Thanks, probably imagenet results needs a while. Do you want the model definition file for imagenet? Or do you want an actual pretrained model? I can share with you through email. Leave your email!

dccho commented 8 years ago

Thanks~! My email is dccho.cvpr.phd@gmail.com. If pretrained model is too big, you can send me definition only. I'll train from scratch

wlw208dzy commented 7 years ago

@liuzhuang13 I would appreciate it if you can send me the model definition file for ImageNet Dataset. My email is dzy_wlw@163.com.

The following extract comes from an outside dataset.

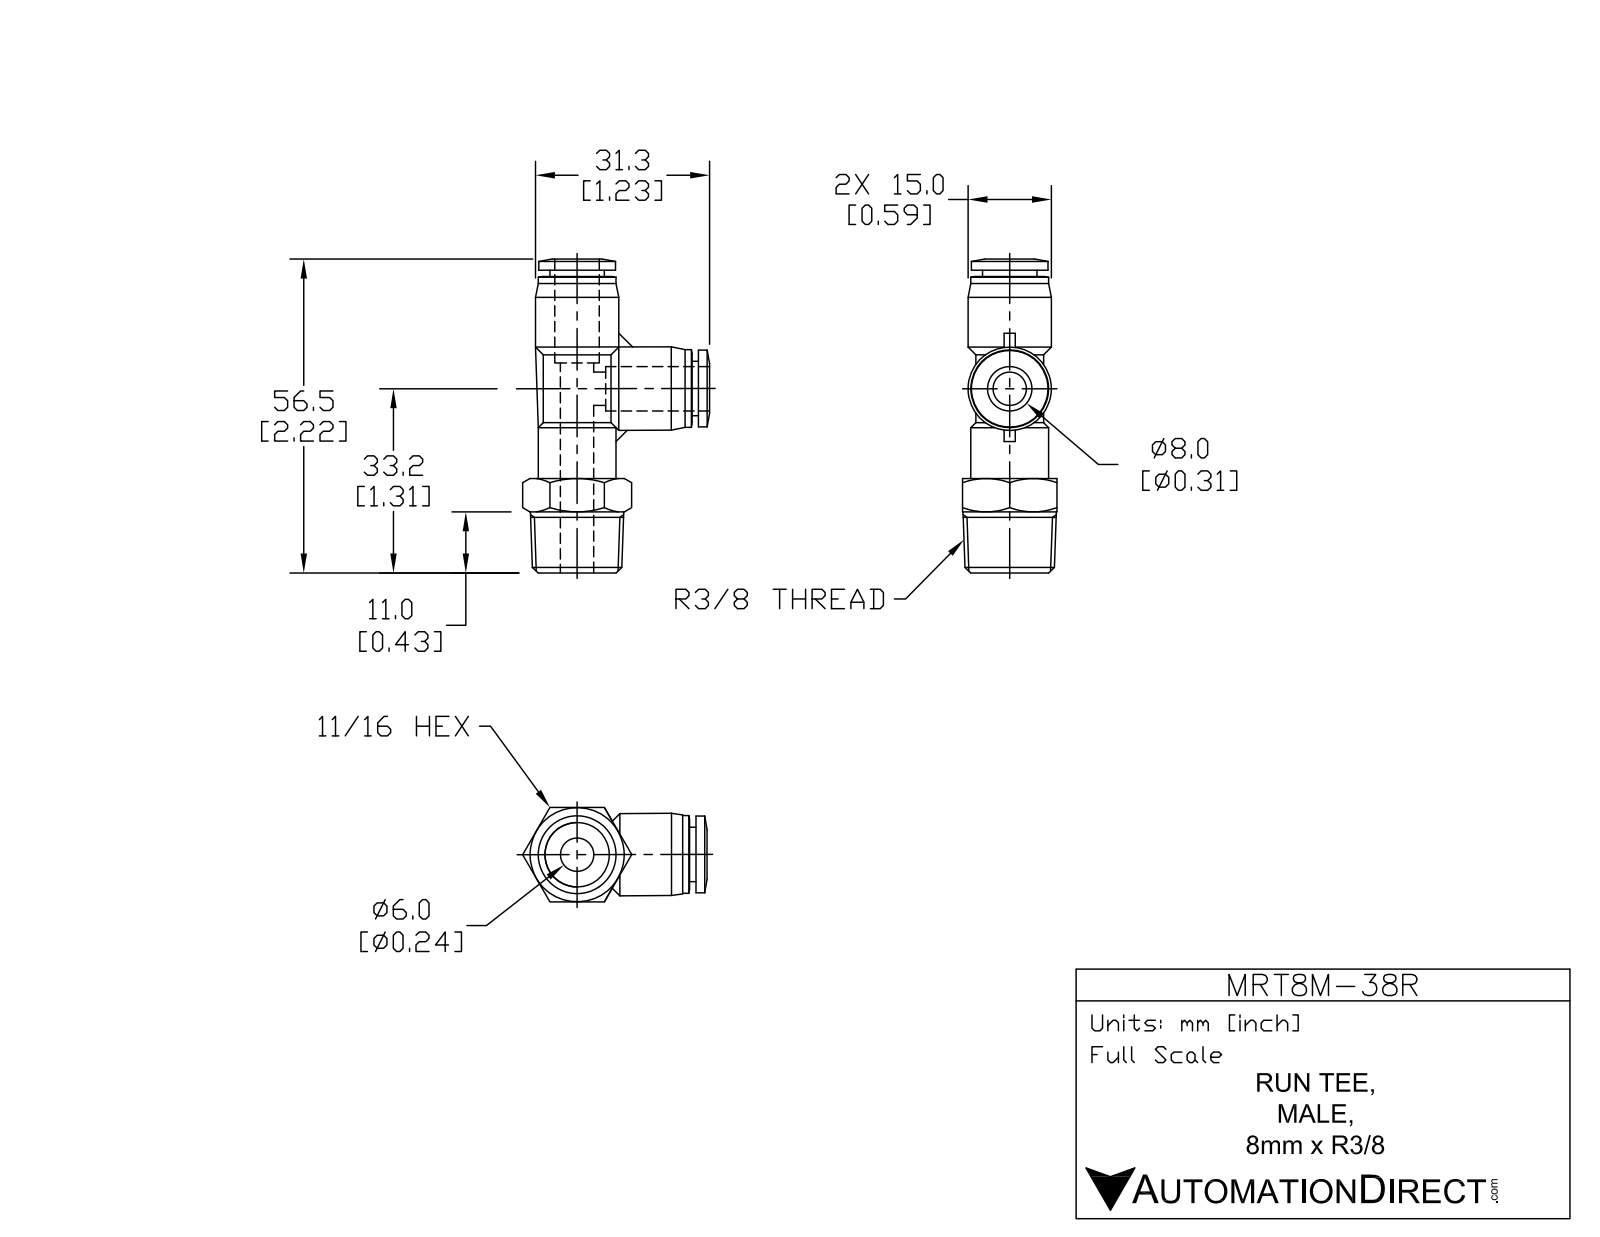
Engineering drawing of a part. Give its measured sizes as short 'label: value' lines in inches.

Thanks!

liuzhuang13 commented 7 years ago

@wlw208dzy I'll share the links with you here.

densenet (10M parameters, 28.7% val error) definition: https://1drv.ms/u/s!AjwB4qLCejx-be9Qh7ZT-RtvV38 pretrained model: https://1drv.ms/u/s!AjwB4qLCejx-a17znBzqnquzaJY

densenet (40M parameters, 24.0% val error) definition: https://1drv.ms/u/s!AjwB4qLCejx-bJQcJQi9ptGgbT0 pretrained model: https://1drv.ms/u/s!AjwB4qLCejx-bp0a4WlshgcWrNs

Due to limited resources, these are only preliminary models, we're still investigating different architecture design (e.g., bottleneck structures) for DenseNets.

argman commented 7 years ago

@liuzhuang13 , does densenet(40m parameters) compare to resnet-152 ? from slim, the val error of resnet-152 is about 24.0% And how long does it take to train on imagenet ? Why do you choose Nesterov as optimizer ? Tks!

liuzhuang13 commented 7 years ago

@argman

@liuzhuang13 , does densenet(40m parameters) compare to resnet-152 ?

From this page https://github.com/facebook/fb.resnet.torch/tree/master/pretrained (Facebook's original implementation), resnet-152 has val error 22.16%, which is better than Densenet with 40M parameters. It has 60M parameters though. Note that data augmentation, optimization, etc. are kept the same. The tensorflow implementation may have some differences.

And how long does it take to train on imagenet ?

It took us 10 days to train 40M densenet for 120 epochs on 4 TITAN X GPUs, with batchsize 128

Why do you choose Nesterov as optimizer ?

We followed fb.resnet.torch's implementation for every setting and hyperparameter, except a smaller batchsize (due to memory constraint) and slightly more training epochs.